Kurt Weinsheimer
Kurt Weinsheimer

When tragedy or turmoil strikes, tourism suffers. How much depends on the nature of the crisis and things like media coverage. For example, Greece's recent economic unsteadiness and Tunisia's terrorist attacks have garnered media attention, consequently causing an increase in searches for both destinations, yet a drop in actual bookings. Here, we examine travel intent for both countries to see how these current events are affecting tourism, starting with Tunisia.

The Sousse terror attack in Tunisia

Tunisia is an almost by-the-book example of how instability impacts travel. We compared behavior affected by attacks in March and June, starting with the latter, which took place in Sousse, a Mediterranean seaside tourist magnet. In the days immediately after the June 26 terrorist attack that killed 38 people, including 30 U.K. tourists, the travel intent volatility began. Counterintuitively, flight searches from the U.K. and Ireland were up by 11%, possibly prompted by travelers' curiosity and the media spotlight, but a few days later flight searches dropped by 16%.

Travel intent lower now than in March

When taking a longer look at travel from the U.K., we see a greater impact on airline bookings as a result of the Sousse terror attack than from the previous attack at the Bardo National Museum in Tunisia's capital, Tunis, on March 18. The month after the museum attack, there was a 17% decline in bookings; in July, after the Sousse attack, we saw a 76% decline, to just 24% of March volume.

Government guidance had an impact. When the U.K.'s governing Foreign & Commonwealth Office advised against all nonessential travel to Tunisia on July 8, Ireland quickly followed suit. In fact, many tour operators and airlines have ceased service from the U.K. to Tunisia until the end of October.
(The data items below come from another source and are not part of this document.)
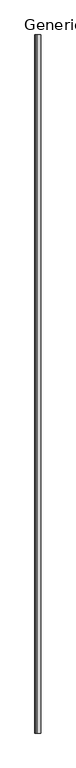
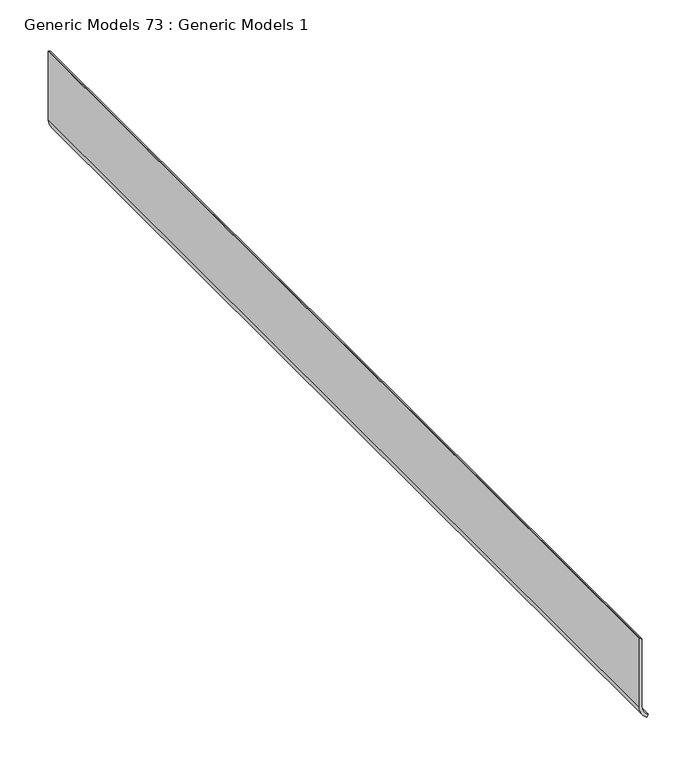
"""IFC4 building model written with IfcOpenShell, lengths in millimetres: proxy geometry, Generic Models 73 : Generic Models 1."""

from ifc_helpers import new_model, si_unit, point, frame, frame_2d, origin, place, context, project, spatial, polyline, circle_curve, trimmed, segment, composite_curve, outline, extrude, source, transform, mapped, element, save


def generic_models_73_generic_models_1_7c4ccb31(model_context):
    return source(origin(), model_context, "Body", "SweptSolid", [
        extrude(outline(composite_curve([segment(polyline([(101.6, 51108.5310187), (15.4496307, 51108.5310187)]), True, "CONTINUOUS"), segment(trimmed(circle_curve(frame_2d((15.4496307, 51126.3707155)), 17.8396968), [point((15.4496307, 51108.5310187))], [point((0.0, 51117.4508671))], False, "CARTESIAN"), True, "CONTINUOUS"), segment(polyline([(0.0, 51117.4508671), (2.7496307, 51119.0383671)]), True, "CONTINUOUS"), segment(trimmed(circle_curve(frame_2d((15.4496307, 51126.3707155)), 14.6646968), [point((2.7496307, 51119.0383671))], [point((15.4496307, 51111.7060187))], True, "CARTESIAN"), True, "CONTINUOUS"), segment(polyline([(15.4496307, 51111.7060187), (99.5131982, 51111.7060187)]), True, "CONTINUOUS"), segment(trimmed(circle_curve(frame_2d((99.5131982, 51109.6192169)), 2.0868018), [point((99.5131982, 51111.7060187))], [point((101.6, 51109.6192169))], False, "CARTESIAN"), True, "CONTINUOUS"), segment(polyline([(101.6, 51109.6192169), (101.6, 51108.5310187)]), True, "CONTINUOUS")], self_intersect=False)), frame((0.0, 0.0, 0.0), z_axis=(0.0, 1.0, 0.0), x_axis=(0.0, 0.0, 1.0)), (0.0, 0.0, 1.0), 1219.2),
    ])


if __name__ == "__main__":
    model = new_model("IFC4")
    model_context = context("Model", 3, world=origin())
    ifc_project = project(units=[si_unit("LENGTHUNIT", "METRE", prefix="MILLI")], contexts=[model_context])
    site = spatial("IfcSite", under=ifc_project)
    building = spatial("IfcBuilding", under=site)
    placement = place(None, origin())
    generic_models_73_generic_models_1_shape = generic_models_73_generic_models_1_7c4ccb31(model_context)
    element("IfcBuildingElementProxy", 1, Name="Generic Models 73 : Generic Models 1", ObjectType="Generic Models 73 : Generic Models 1", at=placement, inside=building, context=model_context, shape_type="MappedRepresentation", body=[
        mapped(generic_models_73_generic_models_1_shape, transform((0.0, 0.0, 0.0), x_axis=(1.0, 0.0, 0.0), y_axis=(0.0, 1.0, 0.0), z_axis=(0.0, 0.0, 1.0))),
    ])
    save(model, "model.ifc")

# Revit data of these elements
# Element 1 (IfcBuildingElementProxy, "Generic Models 73 : Generic Models 1")
#   Materials on its faces: "BASE AS SCHEDULED"
# Materials
#   "BASE AS SCHEDULED": class "Generic", colour RGB 120 120 120, transparency 0, Cost = 0

Despite these warnings, online travel searches jumped on July 10 and doubled with respect to the day of the attack. We interpret this surprising spike as people taking interest in the government's announcement, potentially also looking for alternative ways into Tunisia.

This interest was short-lived, though. From July 14 onward, travel intent plummets to 60% of pre-attack levels.

The debt crisis in Greece

Greece is one of the world's top tourist destinations. Prior to the economic crisis and referendum announcement in June, Greece consistently saw travel intent comparable to its four major Mediterranean competitors: Croatia, Italy, Spain and Turkey. But as economic tensions rose, travel demand fell.

Travel interest began declining in early June as Greece economic stress started getting attention again, with Greece dropping 10 percentage points in travel searches vs. the average of its competitive set on June 10. As talks between the E.U., the International Monetary Fund and Greece became more heated, the effect intensified.

Following the Greek referendum on June 27, searches for the country fell to 30% below the average of the other Mediterranean market searches. After the referendum on July 5, a debt crisis settlement was announced, and the gap started closing, though it has not closed completely.

What's next for Greece and Tunisia?

Despite the country's financial difficulties, global traveler interest in Greece has been remarkably stable over the past two quarters, keeping it in the global Top 10. Greece also remains a Top 10 destination for Europeans but drops from fourth in the first quarter to eighth in the second quarter.

Even if Greece left the eurozone, its tourism could ultimately benefit from the devaluation of its currency, potentially bringing about an increase in tourism.

Tunisia's story is a bit murkier, and terrorist attacks on tourists are certainly of greater concern to the average traveler (and governments) than economic instability. Yet even that is not insurmountable. According to a recent Deloitte report for the World Economic Forum, the pace at which travel recovers after political unrest or a violent event has "shortened significantly" over the last 15 years.  

Overall, there is hope for both markets, assuming the unrest settles. After all, it wasn't long ago that Iceland was in the throes of a severe economic depression (2008 to 2010), and Haiti was decimated by a catastrophic earthquake (2010). Today, Haiti tops the list of destinations with the fastest-growing traveler interest from the U.S., up 34 spots from last summer. Iceland is also in the top three of fastest-rising destinations for both U.S. and E.U. travelers.  

In the end, it's crucial for travel professionals to stay on top of world events, because travelers do, and they change their behavior with the changing conditions faster than they did even just a few years ago.